→ **WHAT TO DO**:
When "points" occurs in a line of the material, copy that line.

···

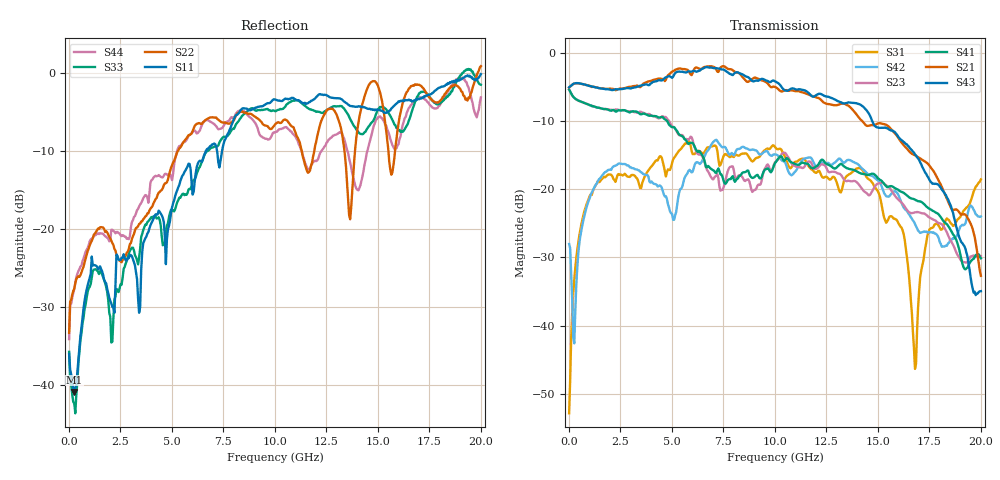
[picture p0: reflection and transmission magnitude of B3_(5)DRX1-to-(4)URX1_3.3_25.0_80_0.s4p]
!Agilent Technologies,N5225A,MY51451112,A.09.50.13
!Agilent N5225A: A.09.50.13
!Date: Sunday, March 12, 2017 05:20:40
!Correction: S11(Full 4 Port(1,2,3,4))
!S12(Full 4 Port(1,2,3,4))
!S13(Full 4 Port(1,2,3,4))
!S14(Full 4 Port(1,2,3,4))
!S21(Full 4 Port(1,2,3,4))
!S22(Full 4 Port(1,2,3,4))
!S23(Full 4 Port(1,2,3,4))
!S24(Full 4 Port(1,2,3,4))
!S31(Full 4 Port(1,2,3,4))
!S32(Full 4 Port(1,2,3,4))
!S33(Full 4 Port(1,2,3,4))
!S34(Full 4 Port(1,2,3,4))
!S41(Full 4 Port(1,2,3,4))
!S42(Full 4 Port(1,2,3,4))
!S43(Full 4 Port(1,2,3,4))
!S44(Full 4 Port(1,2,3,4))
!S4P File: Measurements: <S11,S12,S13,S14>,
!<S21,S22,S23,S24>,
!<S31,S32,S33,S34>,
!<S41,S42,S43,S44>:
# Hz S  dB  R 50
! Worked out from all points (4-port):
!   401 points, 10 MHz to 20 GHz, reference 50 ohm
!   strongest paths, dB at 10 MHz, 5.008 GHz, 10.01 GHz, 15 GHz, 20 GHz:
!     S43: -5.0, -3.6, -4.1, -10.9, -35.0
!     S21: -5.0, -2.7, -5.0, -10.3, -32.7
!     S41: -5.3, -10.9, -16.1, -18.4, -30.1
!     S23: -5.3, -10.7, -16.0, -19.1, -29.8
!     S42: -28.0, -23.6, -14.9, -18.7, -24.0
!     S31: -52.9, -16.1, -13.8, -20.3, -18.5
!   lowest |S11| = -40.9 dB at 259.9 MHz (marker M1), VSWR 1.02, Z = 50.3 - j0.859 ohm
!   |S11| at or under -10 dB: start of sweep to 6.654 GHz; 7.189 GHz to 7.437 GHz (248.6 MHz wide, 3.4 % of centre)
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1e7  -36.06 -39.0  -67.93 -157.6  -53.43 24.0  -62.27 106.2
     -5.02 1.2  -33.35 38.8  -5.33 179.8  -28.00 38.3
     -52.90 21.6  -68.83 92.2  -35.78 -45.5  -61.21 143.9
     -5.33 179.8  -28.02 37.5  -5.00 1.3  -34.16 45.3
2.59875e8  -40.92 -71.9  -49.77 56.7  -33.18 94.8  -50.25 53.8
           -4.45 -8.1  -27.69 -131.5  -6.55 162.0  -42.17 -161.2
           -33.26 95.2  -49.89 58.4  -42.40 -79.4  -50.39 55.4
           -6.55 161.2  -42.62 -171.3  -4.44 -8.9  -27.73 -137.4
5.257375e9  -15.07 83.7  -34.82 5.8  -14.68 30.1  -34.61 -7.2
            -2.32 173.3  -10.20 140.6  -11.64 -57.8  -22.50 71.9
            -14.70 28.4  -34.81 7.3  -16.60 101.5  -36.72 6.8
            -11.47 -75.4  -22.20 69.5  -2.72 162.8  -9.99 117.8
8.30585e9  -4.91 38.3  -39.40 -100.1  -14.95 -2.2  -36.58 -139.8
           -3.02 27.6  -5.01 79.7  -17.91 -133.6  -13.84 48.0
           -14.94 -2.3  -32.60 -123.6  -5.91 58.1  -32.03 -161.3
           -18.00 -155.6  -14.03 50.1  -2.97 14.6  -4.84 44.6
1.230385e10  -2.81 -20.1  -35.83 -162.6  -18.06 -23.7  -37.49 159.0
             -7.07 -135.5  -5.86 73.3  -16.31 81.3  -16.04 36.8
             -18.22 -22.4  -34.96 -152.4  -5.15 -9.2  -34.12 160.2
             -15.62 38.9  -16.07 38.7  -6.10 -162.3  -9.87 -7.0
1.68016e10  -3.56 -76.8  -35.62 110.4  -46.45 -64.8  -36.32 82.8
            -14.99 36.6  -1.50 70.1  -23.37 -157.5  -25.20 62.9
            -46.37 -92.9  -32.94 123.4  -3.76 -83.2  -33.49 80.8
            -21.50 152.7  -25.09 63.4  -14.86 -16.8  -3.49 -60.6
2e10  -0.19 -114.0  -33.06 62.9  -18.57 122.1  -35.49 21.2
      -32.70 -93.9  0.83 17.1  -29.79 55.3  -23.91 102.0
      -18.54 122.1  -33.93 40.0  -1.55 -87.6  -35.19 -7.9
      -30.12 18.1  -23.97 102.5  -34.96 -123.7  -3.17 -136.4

···

→ **ANSWER TO THIS EXERCISE**:
! Worked out from all points (4-port):
!   401 points, 10 MHz to 20 GHz, reference 50 ohm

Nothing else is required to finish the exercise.